# Rant by PhotoShelter CEO



## Captstn (May 22, 2003)

:clap::clap:

Rant: I Love Photography


----------



## i-rui (Sep 13, 2006)

thanks for posting that.


----------



## SINC (Feb 16, 2001)

Great read and I can relate. Made me think of this shot of my grandson Jett at two and a half, that I wish I had taken more time on and got in focus properly and had the exposure a bit better and on and on. Trouble is while I hate the technical aspects of the shot, I just love the content. "Lookit me gramps, I got my new Christmas duds on with my hand in my pocket and everything!" I still treasure this lousy shot.


----------



## CubaMark (Feb 16, 2001)

Great shot, Don - love the reindeer (?) vest.

I've discovered since my son arrived some 9.75 months ago that my hard drive is rapidly filling up with photos and videos of his antics. If I continue at this rate, I'll need a 10-terabyte drive just to hold him...


----------



## keebler27 (Jan 5, 2007)

CubaMark said:


> Great shot, Don - love the reindeer (?) vest.
> 
> I've discovered since my son arrived some 9.75 months ago that my hard drive is rapidly filling up with photos and videos of his antics. If I continue at this rate, I'll need a 10-terabyte drive just to hold him...


lol I know the feeling - I have Raids backing up to other Raids and DVD backups.

But it's fantastic to have.

Great article. So very true. It's staggering how easy it is to snap photos and video.

When I look back at my own family's photo history going back to when my Grandma was a babe to now, it's not the few 'pro' type photos, but the regular snapshots which mean the most.

Cheers,
Keebler


----------



## absolutetotalgeek (Sep 18, 2005)

While I've used Photoshelter, good product does what's supposed to, easy to use etc and they do try and improve it, be better served if he kept his egotistical, self-serving and transparent marketing ploys to himself.

Rant? Hardly...


----------



## Aceline (Feb 21, 2012)

Great shot


----------



## mrjimmy (Nov 8, 2003)

SINC, wonderful shot. 



absolutetotalgeek said:


> if he kept his egotistical, self-serving and transparent marketing ploys to himself.
> 
> Rant? Hardly...


+1


----------



## eMacMan (Nov 27, 2006)

Hey Don,

Just for fun tried the PS Elements "Sharpen More" filter on the Jett shot. Was rather surprised at the result.


----------



## DempsyMac (May 24, 2007)

thanks for sharing that link, I love reading stuff like that


----------



## SINC (Feb 16, 2001)

eMacMan said:


> Hey Don,
> 
> Just for fun tried the PS Elements "Sharpen More" filter on the Jett shot. Was rather surprised at the result.

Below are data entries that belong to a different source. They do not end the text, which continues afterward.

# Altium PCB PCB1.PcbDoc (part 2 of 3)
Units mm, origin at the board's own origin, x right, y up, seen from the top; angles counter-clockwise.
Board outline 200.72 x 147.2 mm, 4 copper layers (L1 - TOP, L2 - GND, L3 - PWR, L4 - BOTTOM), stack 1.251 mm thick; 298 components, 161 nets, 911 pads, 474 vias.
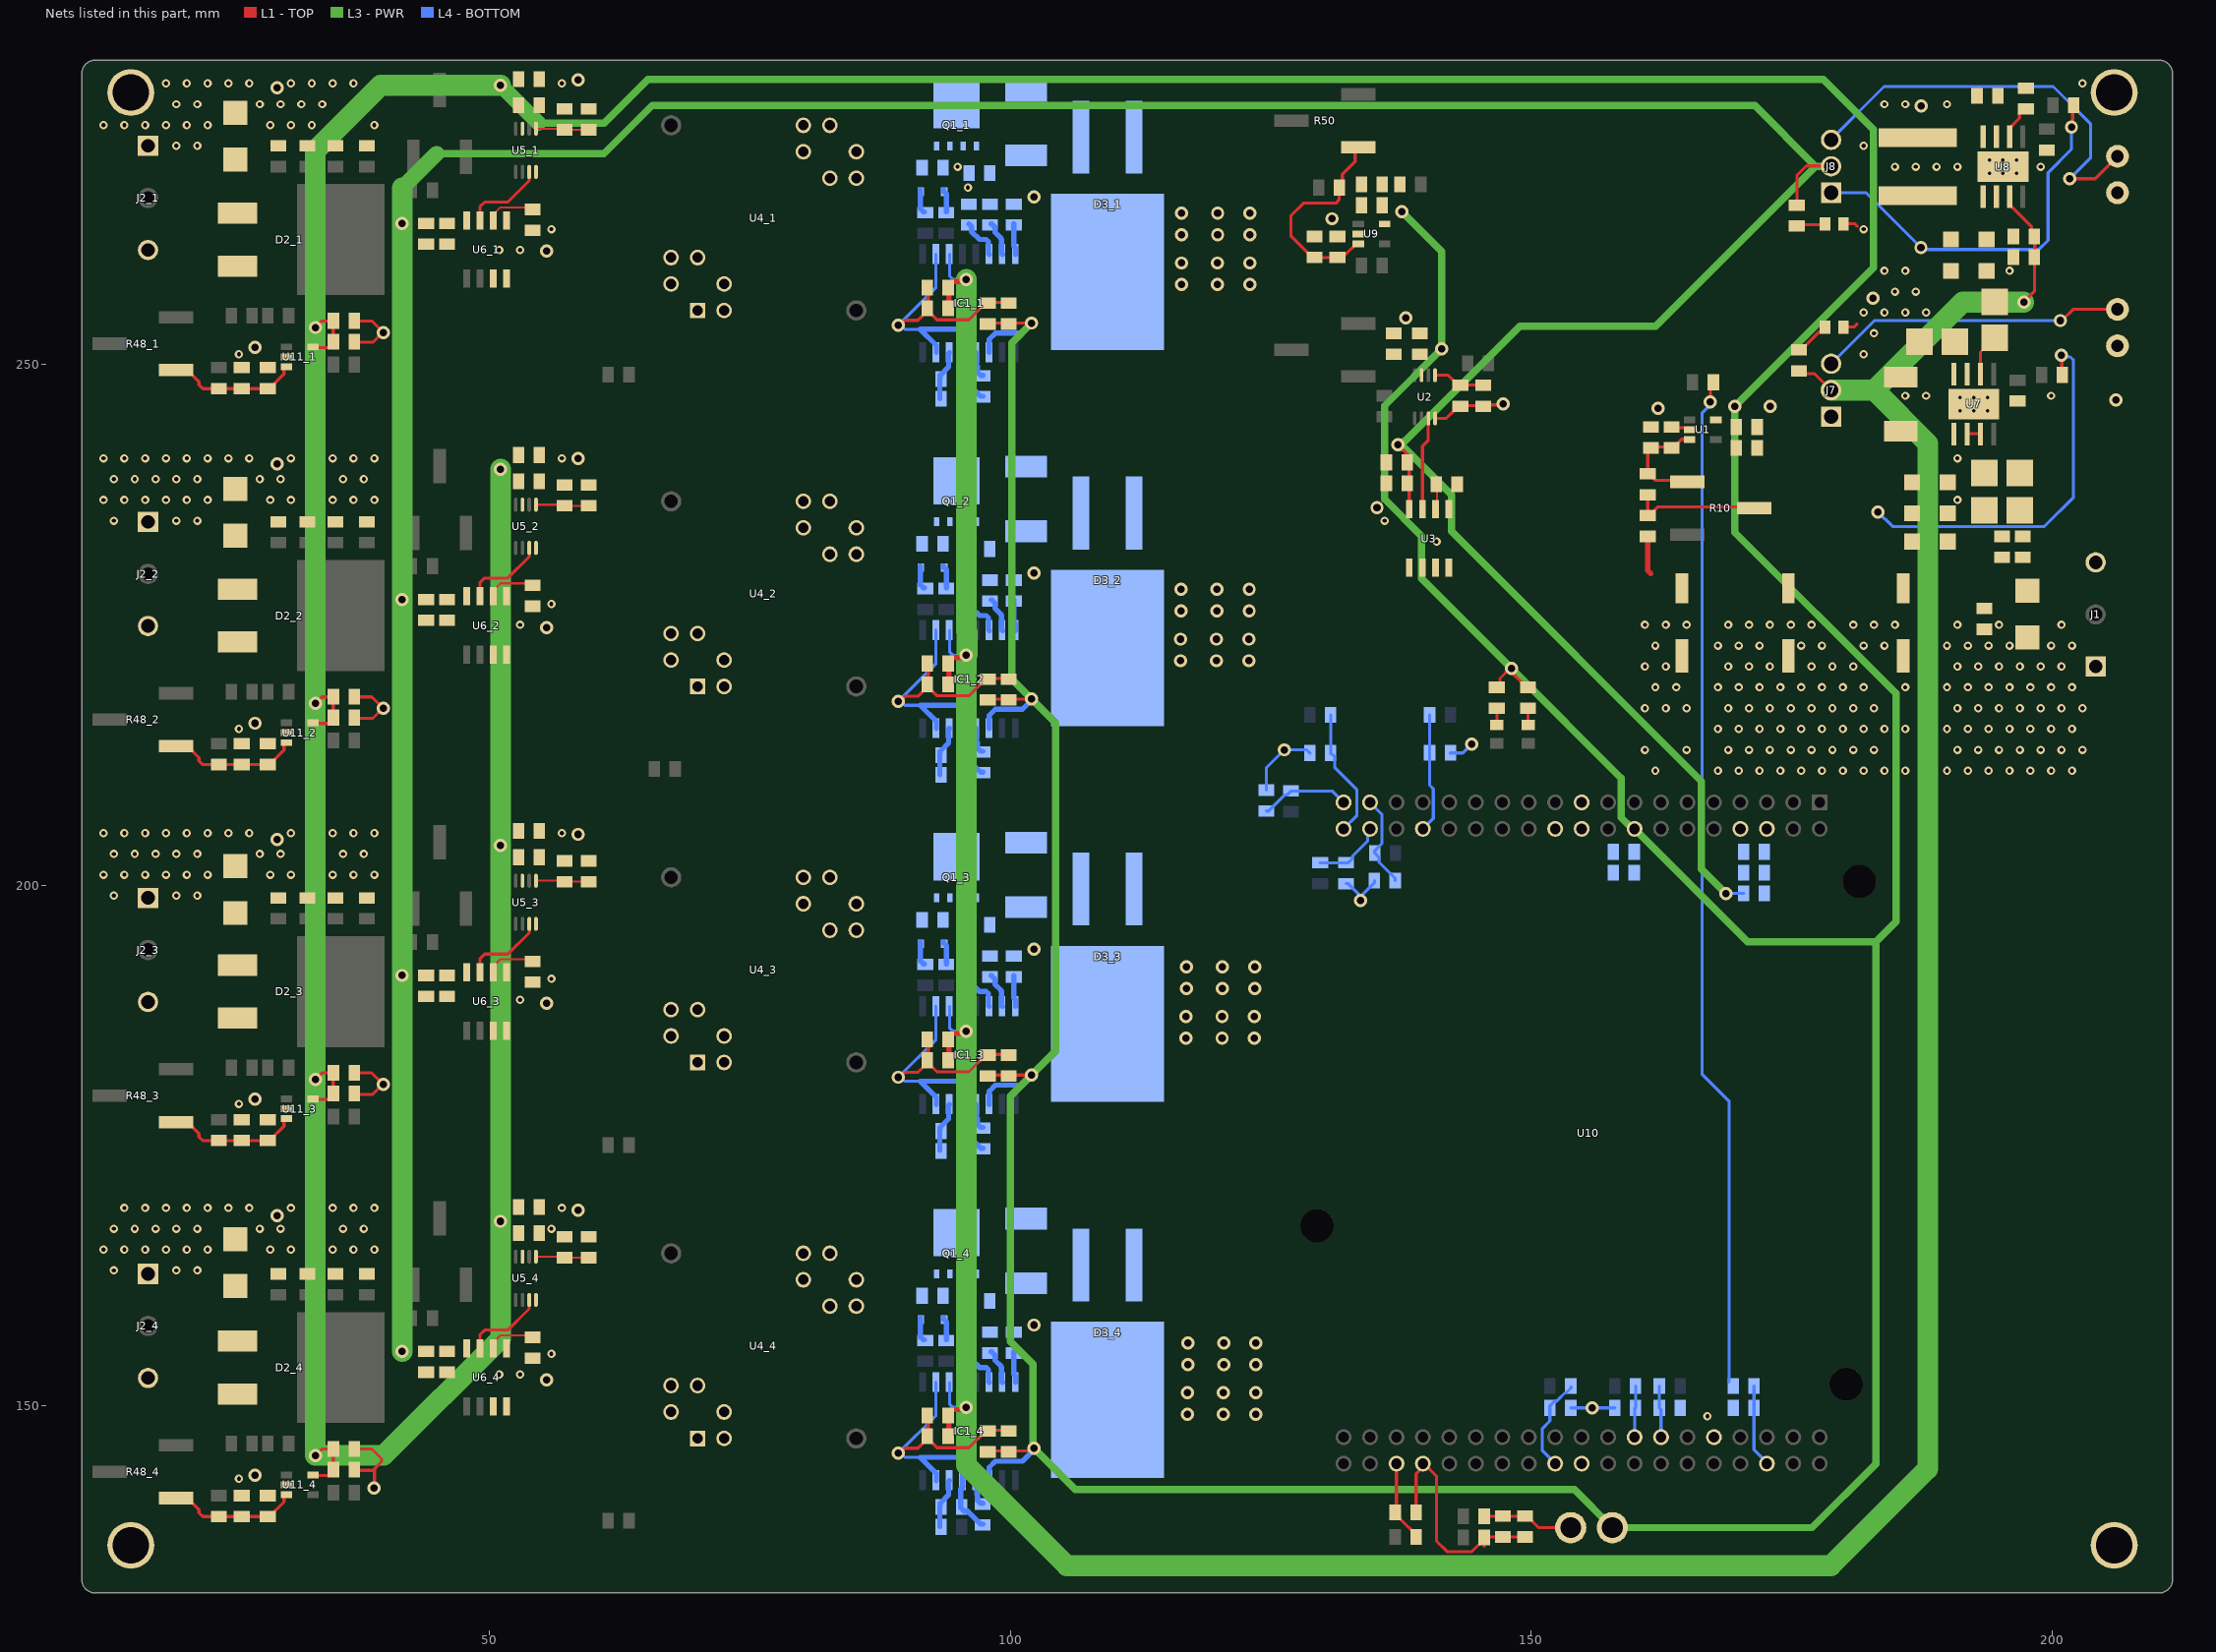
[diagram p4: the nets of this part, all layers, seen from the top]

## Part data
C1 C2 C3: "22uF 100V 121mA@120Hz ±20% SMD, D8xL10mm Aluminum Electrolytic Capacitors - SMD ROHS", Case/Package=3333, Leakage Current=66µA, Manufacturer="KYOCERA AVX", Manufacturer Part Number=UUX2A220MNL6GS, Max Operating Temperature=105°C, Min Operating Temperature=-55°C, Ratings=AEC-Q200, Ripple Current=121mA, Tolerance=20%, Voltage Rating=100V
C4 C5 C6 C7 C8 C9 C10 C11 C12 C13 C14 C15 C16 C17 C18_1 C18_2 C18_3 C18_4 C19_1 C19_2 C19_3 C19_4 C20_1 C20_2 C20_3 C20_4 C21_1 C21_2 C21_3 C21_4 C22_1 C22_2 C22_3 C22_4 C23_1 C23_2 C23_3 C23_4 C24_1 C24_2 C24_3 C24_4 C25_1 C25_2 C25_3 C25_4 C26_1 C26_2 C26_3 C26_4 C27_1 C27_2 C27_3 C27_4 C28_1 C28_2 C28_3 C28_4 C29_1 C29_2 C29_3 C29_4 C30_1 C30_2 C30_3 C30_4 C31_1 C31_2 C31_3 C31_4 C32_1 C32_2 C32_3 C32_4 C33_1 C33_2 C33_3 C33_4 C34_1 C34_2 C34_3 C34_4 C35_1 C35_2 C35_3 C35_4 C36_1 C36_2 C36_3 C36_4 C37_1 C37_2 C37_3 C37_4 C38_1 C38_2 C38_3 C38_4 C39 C40 C41 C42 C43 C44 C45 C46 C47 C48 C49 C50 C51 C52 C53 C54 C55 C56 C57 C58 C59 C60: "C0G Ceramic Smd Ceramic Capacitor"
D1: library part TVS_DIODE, "DIODO SMB"
D2_1 D2_2 D2_3 D2_4: "Rectifier Diode Schottky 40V 20A 3-Pin(2+Tab) D2PAK T/R", Manufacturer=Diotec, Manufacturer Lifecycle Status=ACTIVE, Manufacturer Part Number=SK2040YD2R
D3_1 D3_2 D3_3 D3_4 D5_1 D5_2 D5_3 D5_4: "DIODO SMB"
D4_1 D4_2 D4_3 D4_4: "Schottky Barrier Diode, 2-Pin SOD-323, Pb-Free, Tape and Reel", Manufacturer="On Semiconductor"
D6 D7 D8 D9: "DIODO LED 20mA 0805", Case Code (Imperial)=0805, Case Code (Metric)=2012, Color=Orange, Forward Current=25mA, Forward Voltage=2V, Lens Color=White, Manufacturer="Osram Opto", Manufacturer Part Number=LOR976-PS-1, Max Operating Temperature=85°C, Min Operating Temperature=-30°C, Package Quantity=16000, Reverse Voltage=12V, Supplier Part Number 1=475-2488-1-ND, Test Current=20mA
IC1_1 IC1_2 IC1_3 IC1_4: library part IR2110S, "500 V high-side and low-side gate driver IC with shutdown, SOIC 16W, RoHS", Case/Package=SOP, Manufacturer=Infineon, Manufacturer Part Number=IR2110STRPBF, Max Operating Temperature=125°C, Max Output current=2.5A, Max Output Voltage=20V, Max Power Dissipation=1.25W, Max Supply Current=340µA, Min Operating Temperature=-40°C, Min Output Voltage=10V, Min Supply Voltage=3.3V, Nominal Supply Voltage (DC)=15V, Output Voltage=520V, Package Quantity=1000, Supplier Part Number 1=IR2110SPBF, Temperature Grade=Automotive
J1 J2_1 J2_2 J2_3 J2_4: "Connector", Arrow Part Number=1935174, Manufacturer_Name="Phoenix Contact", Mouser Part Number=651-1935174
J3 J4: Manufacturer="CUI Devices", Manufacturer Part Number=TB005-762-02BE, Supplier Part Number 1=490-TB005-762-02BE
J7 J8: "Connector", Arrow Part Number=TSW-103-07-G-S-001, Manufacturer_Name=SAMTEC, Mouser Part Number=200-TSW10307GS001
Q1_1 Q1_2 Q1_3 Q1_4: library part BSC110N15NS5ATMA1_1, "Mosfet, N-Ch, 150V, 76A, Tdson Rohs Compliant: Yes", Continuous Drain Current=76A, Drain To Source Breakdown Voltage=150V, Drain To Source Resistance=9mΩ, Gate To Source Voltage=20V, Input Capacitace At Vds="2080pF @ 75V", Input Capacitance=2.08nF, Manufacturer=Infineon, Max Forward Diode Voltage=1.2V, Max Junction Temp=+150°C, Max Junction Temperature (Tj)=150°C, Max Power Dissipation=125W, Min Operating Temperature=-55°C, On-State Resistance=11mΩ, Package=PG-TDSON-8, Package Quantity=5000, Pulse Drain Current=304A, Temperature="-55°C to +150°C", Typ Forward Diode Voltage=0.88V
R1 R2 R3 R4 R5 R6 R7 R8 R9 R12_1 R12_2 R12_3 R12_4 R13_1 R13_2 R13_3 R13_4 R14_1 R14_2 R14_3 R14_4 R15_1 R15_2 R15_3 R15_4 R16_1 R16_2 R16_3 R16_4 R17_1 R17_2 R17_3 R17_4 R18_1 R18_2 R18_3 R18_4 R19_1 R19_2 R19_3 R19_4 R20_1 R20_2 R20_3 R20_4 R21_1 R21_2 R21_3 R21_4 R22_1 R22_2 R22_3 R22_4 R23_1 R23_2 R23_3 R23_4 R24_1 R24_2 R24_3 R24_4 R25_1 R25_2 R25_3 R25_4 R26_1 R26_2 R26_3 R26_4 R27_1 R27_2 R27_3 R27_4 R28_1 R28_2 R28_3 R28_4 R30_1 R30_2 R30_3 R30_4 R31 R32 R33 R34 R35 R36 R37 R38 R39 R40 R41 R42 R43 R44 R45: "SMD 0805 RESISTOR"
R10 R11 R48_1 R48_2 R48_3 R48_4 R50: library part TRIMPOT_3361_14INCH, "Trimmer, Cermet, 0.5W, 100000ohm, 300V, 10% +/-Tol, 100ppm/Cel, 1 Turn(s), 2826", Case/Package=2826, Color=Natural, Manufacturer=Bourns, Manufacturer Part Number=3361P-1-503GLF, Max Operating Temperature=125°C, Max Power Dissipation=500mW, Min Operating Temperature=-55°C, Supplier Part Number=1814483, Temperature Coefficient=100ppm/°C, Tolerance=10%, Voltage Rating=300V
R46: library part R_FL, "Resistor for flying wires"
R47_1 R47_2 R47_3 R47_4: "SMD 2512 RESISTOR"
R49_1 R49_2 R49_3 R49_4: library part TRIMPOT_3361_14INCH, "Trimmer, Cermet, 0.5W, 1000ohm, 300V, 10% +/-Tol, 100ppm/Cel, 1 Turn(s), 2619", Case/Package=2826, Color=Natural, Manufacturer=Bourns, Manufacturer Part Number=3361P-1-503GLF, Max Operating Temperature=125°C, Max Power Dissipation=500mW, Min Operating Temperature=-55°C, Supplier Part Number=1814483, Temperature Coefficient=100ppm/°C, Tolerance=10%, Voltage Rating=300V
U1: library part TLV9151_SOT23-5, "Operational Amplifier, 1 Func, 750uV Offset-Max", Manufacturer="Texas Instruments", Manufacturer Part Number=TLV9151IDBVR, Supplier Part Number 1=296-TLV9151IDBVRCT-ND
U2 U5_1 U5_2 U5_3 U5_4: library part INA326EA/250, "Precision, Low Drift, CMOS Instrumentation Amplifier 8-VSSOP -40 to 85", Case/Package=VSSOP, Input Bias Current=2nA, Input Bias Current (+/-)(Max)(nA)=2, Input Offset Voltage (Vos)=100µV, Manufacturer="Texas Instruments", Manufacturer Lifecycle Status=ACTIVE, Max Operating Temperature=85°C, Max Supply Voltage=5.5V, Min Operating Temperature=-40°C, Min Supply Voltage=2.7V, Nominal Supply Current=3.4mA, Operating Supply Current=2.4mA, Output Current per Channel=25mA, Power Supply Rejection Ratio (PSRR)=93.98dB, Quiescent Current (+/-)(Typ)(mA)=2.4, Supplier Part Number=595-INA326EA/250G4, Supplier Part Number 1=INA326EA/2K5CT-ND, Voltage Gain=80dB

That sure did sharpen it up Bob.


----------



## eMacMan (Nov 27, 2006)

SINC said:


> That sure did sharpen it up Bob.


Noticed some flash burns on the face after it was sharpened. Could be cured by deselecting those areas and then feathering the selected area before running the the filter.

FWIW I almost never resort to the sharpen more setting, this time though it did work.


----------



## eMacMan (Nov 27, 2006)

Hey Don,

Did the same thing but excluded and feathered the flash burn areas from the sharpen. Then reversed the selection and applied an average blur to the flash burns. At about a minute that is quite a bit more time than I typically give any photo but I do like the results.


----------